TASK TO CARRY OUT → Go through the records below and report each line with "serdes" in it.

Stored items from a collection
══════

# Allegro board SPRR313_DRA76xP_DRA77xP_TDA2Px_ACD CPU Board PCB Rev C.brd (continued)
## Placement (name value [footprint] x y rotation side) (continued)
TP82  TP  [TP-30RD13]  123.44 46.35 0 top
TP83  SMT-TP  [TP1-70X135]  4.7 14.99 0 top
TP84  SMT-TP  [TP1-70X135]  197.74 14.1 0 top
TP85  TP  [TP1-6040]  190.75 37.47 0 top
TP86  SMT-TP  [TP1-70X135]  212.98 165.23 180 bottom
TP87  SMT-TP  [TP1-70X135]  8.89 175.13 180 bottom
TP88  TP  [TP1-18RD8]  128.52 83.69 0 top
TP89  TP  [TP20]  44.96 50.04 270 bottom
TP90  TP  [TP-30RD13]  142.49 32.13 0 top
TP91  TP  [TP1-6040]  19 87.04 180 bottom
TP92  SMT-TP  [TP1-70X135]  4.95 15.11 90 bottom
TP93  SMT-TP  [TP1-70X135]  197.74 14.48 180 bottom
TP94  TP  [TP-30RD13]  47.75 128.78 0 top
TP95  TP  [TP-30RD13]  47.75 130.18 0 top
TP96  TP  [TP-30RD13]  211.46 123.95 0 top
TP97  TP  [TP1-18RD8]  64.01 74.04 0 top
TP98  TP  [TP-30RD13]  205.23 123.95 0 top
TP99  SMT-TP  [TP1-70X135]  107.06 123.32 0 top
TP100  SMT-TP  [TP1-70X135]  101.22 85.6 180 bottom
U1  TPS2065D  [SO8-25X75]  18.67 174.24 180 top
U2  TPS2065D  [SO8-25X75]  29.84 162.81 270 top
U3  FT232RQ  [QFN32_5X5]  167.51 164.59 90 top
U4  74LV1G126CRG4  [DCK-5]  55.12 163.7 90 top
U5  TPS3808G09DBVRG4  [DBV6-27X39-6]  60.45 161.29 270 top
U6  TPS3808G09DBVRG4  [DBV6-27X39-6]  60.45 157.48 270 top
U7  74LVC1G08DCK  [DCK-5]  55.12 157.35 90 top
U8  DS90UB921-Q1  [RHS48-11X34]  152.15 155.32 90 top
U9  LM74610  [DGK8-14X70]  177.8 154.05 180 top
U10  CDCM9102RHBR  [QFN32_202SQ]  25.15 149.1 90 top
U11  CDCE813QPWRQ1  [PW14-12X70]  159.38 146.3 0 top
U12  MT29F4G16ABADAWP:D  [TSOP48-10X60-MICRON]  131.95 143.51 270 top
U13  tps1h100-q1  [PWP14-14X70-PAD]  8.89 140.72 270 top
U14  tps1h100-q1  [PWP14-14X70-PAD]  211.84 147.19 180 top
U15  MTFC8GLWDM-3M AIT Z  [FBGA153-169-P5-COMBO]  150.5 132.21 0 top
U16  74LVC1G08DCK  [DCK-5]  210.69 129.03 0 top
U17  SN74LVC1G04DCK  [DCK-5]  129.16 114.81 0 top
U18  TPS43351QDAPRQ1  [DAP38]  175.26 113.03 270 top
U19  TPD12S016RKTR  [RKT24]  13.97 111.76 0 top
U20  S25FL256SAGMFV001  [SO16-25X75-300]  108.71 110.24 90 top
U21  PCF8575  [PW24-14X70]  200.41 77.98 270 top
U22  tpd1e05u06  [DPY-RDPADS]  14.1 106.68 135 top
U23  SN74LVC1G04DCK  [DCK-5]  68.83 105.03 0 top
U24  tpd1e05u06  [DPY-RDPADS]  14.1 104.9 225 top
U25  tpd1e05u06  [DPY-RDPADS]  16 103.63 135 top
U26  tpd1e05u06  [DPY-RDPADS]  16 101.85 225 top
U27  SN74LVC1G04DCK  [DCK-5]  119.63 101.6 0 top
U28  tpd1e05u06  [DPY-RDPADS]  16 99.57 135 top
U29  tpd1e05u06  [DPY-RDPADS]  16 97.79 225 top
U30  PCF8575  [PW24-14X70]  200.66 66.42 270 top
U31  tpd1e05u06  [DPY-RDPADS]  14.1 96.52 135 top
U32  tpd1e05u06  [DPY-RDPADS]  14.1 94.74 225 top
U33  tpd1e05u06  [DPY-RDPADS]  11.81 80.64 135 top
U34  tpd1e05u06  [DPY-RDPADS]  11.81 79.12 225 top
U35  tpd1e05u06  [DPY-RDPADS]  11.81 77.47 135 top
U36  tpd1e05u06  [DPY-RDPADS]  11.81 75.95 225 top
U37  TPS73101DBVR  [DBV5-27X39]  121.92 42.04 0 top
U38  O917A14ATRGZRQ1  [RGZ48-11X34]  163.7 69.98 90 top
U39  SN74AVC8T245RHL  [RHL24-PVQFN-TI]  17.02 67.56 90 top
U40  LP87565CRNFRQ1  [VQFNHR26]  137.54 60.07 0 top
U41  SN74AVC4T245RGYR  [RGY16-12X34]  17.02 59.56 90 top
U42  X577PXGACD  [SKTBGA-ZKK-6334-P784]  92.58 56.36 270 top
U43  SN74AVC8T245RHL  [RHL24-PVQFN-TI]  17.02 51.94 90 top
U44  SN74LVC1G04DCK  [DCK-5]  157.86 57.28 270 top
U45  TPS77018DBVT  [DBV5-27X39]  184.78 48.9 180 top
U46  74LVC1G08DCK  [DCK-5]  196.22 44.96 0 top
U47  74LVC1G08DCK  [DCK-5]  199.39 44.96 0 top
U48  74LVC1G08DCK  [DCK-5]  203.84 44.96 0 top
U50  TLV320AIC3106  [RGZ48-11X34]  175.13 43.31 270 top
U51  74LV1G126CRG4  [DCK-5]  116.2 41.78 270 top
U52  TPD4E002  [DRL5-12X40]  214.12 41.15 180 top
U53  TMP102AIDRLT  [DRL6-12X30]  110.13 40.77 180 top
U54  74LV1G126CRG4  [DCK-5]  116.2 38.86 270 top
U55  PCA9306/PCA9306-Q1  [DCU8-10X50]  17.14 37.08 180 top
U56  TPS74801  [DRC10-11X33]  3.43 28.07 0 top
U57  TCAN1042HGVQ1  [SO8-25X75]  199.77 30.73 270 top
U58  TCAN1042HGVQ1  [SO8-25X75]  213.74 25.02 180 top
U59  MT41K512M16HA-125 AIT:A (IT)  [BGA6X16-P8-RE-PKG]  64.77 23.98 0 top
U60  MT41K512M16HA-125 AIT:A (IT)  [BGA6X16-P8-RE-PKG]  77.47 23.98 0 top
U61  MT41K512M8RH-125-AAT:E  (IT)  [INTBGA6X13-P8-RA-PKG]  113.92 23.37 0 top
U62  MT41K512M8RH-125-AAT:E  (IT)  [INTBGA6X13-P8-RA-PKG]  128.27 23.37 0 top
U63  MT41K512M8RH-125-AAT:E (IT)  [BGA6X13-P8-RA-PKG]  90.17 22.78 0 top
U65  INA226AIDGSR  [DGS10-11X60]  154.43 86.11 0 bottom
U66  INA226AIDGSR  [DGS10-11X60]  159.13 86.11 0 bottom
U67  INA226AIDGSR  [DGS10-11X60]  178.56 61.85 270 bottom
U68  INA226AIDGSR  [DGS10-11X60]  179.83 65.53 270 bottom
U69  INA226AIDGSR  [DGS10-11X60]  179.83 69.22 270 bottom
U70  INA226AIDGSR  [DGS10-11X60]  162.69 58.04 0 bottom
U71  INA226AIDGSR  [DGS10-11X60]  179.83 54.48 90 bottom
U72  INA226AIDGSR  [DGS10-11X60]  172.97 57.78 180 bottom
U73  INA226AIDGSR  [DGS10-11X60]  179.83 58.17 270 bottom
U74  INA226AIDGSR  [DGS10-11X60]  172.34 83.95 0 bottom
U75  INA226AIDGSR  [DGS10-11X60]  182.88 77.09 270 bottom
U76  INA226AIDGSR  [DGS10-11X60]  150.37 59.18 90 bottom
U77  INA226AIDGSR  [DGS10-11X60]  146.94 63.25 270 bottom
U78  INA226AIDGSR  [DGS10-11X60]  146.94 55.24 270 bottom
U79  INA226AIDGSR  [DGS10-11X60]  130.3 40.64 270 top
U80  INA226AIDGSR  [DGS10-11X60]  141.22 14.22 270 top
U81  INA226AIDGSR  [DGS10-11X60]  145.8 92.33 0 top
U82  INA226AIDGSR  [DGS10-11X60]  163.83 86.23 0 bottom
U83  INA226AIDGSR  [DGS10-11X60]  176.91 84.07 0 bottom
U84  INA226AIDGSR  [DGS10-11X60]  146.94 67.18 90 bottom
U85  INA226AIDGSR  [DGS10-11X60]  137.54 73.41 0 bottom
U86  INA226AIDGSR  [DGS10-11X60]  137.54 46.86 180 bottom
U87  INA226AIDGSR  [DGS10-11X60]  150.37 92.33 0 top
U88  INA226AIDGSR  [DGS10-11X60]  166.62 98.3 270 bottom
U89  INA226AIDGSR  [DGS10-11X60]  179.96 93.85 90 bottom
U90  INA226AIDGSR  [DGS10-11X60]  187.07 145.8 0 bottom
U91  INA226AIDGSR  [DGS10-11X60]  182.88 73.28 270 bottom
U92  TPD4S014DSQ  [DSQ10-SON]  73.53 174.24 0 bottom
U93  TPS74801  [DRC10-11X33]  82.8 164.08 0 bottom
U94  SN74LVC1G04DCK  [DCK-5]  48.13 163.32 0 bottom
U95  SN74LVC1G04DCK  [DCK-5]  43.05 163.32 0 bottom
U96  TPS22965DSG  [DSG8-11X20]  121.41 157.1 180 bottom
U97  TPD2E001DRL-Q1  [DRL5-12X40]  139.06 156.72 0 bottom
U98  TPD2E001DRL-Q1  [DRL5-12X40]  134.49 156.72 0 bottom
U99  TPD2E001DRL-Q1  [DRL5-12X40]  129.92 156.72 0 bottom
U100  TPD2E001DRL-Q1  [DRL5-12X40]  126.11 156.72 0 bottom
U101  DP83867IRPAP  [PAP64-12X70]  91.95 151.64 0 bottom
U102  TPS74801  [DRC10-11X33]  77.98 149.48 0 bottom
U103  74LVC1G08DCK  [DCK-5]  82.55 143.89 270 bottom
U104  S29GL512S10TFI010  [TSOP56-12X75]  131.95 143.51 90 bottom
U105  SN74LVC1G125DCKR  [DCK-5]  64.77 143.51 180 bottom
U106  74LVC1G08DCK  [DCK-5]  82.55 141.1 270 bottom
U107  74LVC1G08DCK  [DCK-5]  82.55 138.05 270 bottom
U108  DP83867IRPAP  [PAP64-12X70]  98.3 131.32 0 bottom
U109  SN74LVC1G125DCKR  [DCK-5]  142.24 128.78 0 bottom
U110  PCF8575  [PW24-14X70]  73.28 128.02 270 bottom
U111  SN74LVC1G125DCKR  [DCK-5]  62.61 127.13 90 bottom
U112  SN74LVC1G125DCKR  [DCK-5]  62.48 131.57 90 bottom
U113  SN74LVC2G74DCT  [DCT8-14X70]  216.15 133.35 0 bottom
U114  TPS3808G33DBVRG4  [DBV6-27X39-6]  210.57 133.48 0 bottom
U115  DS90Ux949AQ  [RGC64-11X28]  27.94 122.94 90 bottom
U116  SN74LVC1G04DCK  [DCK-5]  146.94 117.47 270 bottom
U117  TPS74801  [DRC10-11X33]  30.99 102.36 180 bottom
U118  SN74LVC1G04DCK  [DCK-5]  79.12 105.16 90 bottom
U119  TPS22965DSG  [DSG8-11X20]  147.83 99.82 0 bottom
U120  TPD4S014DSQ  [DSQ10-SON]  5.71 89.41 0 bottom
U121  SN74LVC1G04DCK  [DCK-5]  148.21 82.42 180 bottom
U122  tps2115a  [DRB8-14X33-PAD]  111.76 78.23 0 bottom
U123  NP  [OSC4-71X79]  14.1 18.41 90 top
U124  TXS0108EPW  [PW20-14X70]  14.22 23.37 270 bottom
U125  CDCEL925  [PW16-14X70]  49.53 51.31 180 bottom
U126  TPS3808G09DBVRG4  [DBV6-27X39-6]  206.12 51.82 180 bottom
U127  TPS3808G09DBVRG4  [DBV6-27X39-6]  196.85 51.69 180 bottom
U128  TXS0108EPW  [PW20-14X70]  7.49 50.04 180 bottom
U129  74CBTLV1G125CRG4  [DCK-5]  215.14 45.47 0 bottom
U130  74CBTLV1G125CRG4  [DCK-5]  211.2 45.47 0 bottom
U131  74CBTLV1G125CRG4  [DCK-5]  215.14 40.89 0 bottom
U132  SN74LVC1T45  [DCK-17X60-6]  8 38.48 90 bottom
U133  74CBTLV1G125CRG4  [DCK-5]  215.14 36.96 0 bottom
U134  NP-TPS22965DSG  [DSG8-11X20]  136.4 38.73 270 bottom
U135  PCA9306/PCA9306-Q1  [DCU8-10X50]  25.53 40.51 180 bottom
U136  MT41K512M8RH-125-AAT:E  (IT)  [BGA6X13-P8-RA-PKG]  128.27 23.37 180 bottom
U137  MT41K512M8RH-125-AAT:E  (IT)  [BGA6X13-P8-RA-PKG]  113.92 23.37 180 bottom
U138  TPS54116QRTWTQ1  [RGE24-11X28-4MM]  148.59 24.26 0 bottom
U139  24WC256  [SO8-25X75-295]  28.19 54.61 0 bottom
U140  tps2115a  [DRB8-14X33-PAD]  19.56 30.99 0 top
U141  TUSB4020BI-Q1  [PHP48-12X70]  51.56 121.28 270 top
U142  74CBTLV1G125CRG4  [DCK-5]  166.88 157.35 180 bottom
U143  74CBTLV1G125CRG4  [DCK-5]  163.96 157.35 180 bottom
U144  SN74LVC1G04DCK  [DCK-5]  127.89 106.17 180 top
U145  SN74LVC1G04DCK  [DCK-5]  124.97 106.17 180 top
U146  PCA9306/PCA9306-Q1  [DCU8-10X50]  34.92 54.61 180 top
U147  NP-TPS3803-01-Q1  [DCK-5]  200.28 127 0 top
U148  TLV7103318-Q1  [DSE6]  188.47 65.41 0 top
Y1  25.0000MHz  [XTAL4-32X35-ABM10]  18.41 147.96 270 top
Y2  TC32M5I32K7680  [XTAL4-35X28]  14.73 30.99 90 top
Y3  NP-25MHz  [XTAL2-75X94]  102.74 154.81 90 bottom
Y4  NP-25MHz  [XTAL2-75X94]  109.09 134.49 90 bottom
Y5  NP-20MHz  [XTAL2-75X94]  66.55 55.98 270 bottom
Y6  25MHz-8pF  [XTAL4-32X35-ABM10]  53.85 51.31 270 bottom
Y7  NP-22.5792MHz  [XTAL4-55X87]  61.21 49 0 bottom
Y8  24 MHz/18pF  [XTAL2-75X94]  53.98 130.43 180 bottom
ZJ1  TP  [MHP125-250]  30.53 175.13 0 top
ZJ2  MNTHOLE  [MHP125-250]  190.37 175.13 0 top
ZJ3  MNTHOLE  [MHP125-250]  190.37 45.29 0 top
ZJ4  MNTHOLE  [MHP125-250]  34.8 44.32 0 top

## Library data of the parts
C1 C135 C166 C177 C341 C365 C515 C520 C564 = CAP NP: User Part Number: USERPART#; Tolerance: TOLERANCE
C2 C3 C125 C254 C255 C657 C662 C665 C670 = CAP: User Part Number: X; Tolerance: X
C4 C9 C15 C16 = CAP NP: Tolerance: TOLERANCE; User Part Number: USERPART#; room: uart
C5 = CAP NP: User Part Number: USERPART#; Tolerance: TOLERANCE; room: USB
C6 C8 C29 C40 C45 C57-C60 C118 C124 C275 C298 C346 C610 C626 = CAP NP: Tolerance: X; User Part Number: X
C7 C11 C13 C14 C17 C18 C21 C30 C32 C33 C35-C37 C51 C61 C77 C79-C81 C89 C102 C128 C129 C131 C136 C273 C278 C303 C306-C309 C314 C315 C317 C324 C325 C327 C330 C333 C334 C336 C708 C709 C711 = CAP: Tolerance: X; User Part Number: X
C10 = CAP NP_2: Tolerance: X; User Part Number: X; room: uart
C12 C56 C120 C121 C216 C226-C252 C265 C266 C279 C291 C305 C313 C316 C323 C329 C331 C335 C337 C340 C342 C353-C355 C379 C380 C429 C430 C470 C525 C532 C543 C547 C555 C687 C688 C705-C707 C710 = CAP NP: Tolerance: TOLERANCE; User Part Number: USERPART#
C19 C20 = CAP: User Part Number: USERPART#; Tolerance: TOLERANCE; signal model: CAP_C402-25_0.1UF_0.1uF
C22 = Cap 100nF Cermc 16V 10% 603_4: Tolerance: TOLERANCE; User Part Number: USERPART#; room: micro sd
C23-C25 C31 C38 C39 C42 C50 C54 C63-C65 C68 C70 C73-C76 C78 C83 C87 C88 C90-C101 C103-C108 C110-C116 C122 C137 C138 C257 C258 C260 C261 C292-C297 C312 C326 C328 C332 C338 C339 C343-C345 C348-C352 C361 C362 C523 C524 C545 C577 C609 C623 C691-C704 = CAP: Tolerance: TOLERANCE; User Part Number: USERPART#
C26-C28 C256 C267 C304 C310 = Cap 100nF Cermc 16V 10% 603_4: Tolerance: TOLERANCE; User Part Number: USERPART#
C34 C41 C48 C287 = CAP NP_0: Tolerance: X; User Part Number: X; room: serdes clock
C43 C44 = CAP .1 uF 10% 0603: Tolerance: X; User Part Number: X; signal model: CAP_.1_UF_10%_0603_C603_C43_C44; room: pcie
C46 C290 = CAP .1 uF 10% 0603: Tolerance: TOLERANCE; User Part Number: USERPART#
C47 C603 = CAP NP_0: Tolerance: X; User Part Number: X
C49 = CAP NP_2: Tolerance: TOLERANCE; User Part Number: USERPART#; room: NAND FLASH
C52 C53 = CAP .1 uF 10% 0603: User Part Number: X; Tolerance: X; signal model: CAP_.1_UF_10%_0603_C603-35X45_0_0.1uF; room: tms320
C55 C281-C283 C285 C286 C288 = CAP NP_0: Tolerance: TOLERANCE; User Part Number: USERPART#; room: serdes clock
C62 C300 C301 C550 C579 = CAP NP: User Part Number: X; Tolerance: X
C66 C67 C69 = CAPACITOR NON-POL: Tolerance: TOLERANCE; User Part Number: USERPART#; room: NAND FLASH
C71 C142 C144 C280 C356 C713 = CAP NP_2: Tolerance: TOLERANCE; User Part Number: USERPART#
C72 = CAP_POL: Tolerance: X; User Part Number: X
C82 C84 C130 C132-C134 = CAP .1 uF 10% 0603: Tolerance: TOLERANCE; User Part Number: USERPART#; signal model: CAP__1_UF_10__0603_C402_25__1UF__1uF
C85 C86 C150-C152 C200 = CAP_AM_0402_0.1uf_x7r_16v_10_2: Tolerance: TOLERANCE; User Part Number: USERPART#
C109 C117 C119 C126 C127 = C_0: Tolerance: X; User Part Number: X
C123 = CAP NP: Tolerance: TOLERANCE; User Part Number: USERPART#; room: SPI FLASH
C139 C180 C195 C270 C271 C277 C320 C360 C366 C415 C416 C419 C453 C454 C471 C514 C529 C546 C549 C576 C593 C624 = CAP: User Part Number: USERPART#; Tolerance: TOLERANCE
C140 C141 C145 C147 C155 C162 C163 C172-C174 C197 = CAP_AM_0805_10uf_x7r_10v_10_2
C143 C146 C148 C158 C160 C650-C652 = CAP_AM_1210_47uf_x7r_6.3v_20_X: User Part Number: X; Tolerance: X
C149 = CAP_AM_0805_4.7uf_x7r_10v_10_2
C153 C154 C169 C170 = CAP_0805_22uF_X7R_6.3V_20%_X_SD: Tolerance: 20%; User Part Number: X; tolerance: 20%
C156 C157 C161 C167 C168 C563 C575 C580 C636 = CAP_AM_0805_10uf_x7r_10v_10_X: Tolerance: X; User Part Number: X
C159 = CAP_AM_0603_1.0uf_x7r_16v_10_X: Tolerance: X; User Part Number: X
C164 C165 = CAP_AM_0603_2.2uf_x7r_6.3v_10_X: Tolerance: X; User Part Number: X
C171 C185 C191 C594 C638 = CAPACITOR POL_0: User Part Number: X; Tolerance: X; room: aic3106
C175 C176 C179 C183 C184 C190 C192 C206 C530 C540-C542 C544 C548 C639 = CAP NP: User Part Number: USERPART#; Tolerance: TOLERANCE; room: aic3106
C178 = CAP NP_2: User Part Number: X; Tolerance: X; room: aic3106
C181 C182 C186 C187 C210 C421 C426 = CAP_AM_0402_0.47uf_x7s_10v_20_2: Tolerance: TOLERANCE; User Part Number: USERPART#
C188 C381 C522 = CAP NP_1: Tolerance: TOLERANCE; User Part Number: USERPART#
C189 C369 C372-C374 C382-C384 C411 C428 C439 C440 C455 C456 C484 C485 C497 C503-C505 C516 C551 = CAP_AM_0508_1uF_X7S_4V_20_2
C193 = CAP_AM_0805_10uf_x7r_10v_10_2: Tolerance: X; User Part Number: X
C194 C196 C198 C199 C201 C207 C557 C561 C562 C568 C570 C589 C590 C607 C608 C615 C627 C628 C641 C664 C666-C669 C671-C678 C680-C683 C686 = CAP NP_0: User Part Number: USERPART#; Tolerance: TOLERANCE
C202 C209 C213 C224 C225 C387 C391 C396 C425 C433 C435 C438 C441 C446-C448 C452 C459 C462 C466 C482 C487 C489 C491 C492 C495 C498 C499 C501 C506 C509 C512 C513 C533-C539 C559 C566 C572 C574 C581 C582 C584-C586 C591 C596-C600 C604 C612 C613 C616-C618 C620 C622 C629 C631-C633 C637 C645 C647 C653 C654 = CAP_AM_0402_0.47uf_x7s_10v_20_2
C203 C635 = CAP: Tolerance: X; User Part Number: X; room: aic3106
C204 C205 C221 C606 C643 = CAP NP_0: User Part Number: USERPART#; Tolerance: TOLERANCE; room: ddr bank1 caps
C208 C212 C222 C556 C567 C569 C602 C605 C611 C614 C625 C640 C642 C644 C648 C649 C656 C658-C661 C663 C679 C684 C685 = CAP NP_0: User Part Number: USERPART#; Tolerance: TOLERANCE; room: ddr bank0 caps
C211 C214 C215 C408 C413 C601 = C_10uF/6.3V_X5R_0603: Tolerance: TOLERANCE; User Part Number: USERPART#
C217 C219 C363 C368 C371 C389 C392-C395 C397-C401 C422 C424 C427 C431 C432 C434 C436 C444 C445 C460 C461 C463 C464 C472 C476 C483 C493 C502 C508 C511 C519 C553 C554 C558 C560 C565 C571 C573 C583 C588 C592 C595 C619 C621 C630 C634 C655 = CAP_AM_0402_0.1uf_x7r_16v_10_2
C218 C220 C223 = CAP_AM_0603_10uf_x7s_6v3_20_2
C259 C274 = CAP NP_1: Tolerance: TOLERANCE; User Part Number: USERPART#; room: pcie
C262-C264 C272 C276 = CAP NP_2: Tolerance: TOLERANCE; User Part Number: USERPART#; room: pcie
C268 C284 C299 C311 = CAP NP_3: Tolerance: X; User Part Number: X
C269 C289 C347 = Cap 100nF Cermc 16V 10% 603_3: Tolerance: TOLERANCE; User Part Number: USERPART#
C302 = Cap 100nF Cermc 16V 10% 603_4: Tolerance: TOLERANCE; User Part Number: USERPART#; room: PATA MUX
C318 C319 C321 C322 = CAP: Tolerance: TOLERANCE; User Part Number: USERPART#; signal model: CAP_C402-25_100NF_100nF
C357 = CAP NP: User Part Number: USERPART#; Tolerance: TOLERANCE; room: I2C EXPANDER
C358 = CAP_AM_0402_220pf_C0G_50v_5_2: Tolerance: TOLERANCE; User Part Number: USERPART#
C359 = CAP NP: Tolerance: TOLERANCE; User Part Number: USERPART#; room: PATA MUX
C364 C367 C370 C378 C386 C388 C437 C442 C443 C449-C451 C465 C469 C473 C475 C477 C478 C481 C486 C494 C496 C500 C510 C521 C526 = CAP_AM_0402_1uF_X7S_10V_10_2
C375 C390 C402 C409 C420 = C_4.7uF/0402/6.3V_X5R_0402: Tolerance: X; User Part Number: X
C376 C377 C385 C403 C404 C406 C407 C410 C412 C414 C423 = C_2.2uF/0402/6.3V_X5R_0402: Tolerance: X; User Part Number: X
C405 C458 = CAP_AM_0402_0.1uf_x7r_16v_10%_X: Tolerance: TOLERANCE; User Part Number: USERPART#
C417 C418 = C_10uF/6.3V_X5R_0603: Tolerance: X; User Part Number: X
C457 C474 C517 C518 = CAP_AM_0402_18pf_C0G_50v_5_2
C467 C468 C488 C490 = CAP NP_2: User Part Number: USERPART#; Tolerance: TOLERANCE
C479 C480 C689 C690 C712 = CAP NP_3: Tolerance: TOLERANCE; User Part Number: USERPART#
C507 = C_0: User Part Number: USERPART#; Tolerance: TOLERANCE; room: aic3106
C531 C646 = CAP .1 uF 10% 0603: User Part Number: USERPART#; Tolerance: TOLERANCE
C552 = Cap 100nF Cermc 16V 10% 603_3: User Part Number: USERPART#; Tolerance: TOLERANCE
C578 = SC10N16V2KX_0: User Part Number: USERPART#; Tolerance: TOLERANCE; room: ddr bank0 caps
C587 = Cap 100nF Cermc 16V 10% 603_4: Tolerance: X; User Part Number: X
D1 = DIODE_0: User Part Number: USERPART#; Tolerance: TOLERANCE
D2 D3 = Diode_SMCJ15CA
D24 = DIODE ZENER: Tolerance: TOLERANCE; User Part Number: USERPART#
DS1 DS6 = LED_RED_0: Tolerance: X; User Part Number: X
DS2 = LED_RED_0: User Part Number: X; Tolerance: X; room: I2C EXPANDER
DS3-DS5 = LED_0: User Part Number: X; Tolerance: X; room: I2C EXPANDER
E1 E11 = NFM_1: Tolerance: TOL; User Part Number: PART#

══════

TASK OUTPUT →
C34 C41 C48 C287 = CAP NP_0: Tolerance: X; User Part Number: X; room: serdes clock
C55 C281-C283 C285 C286 C288 = CAP NP_0: Tolerance: TOLERANCE; User Part Number: USERPART#; room: serdes clock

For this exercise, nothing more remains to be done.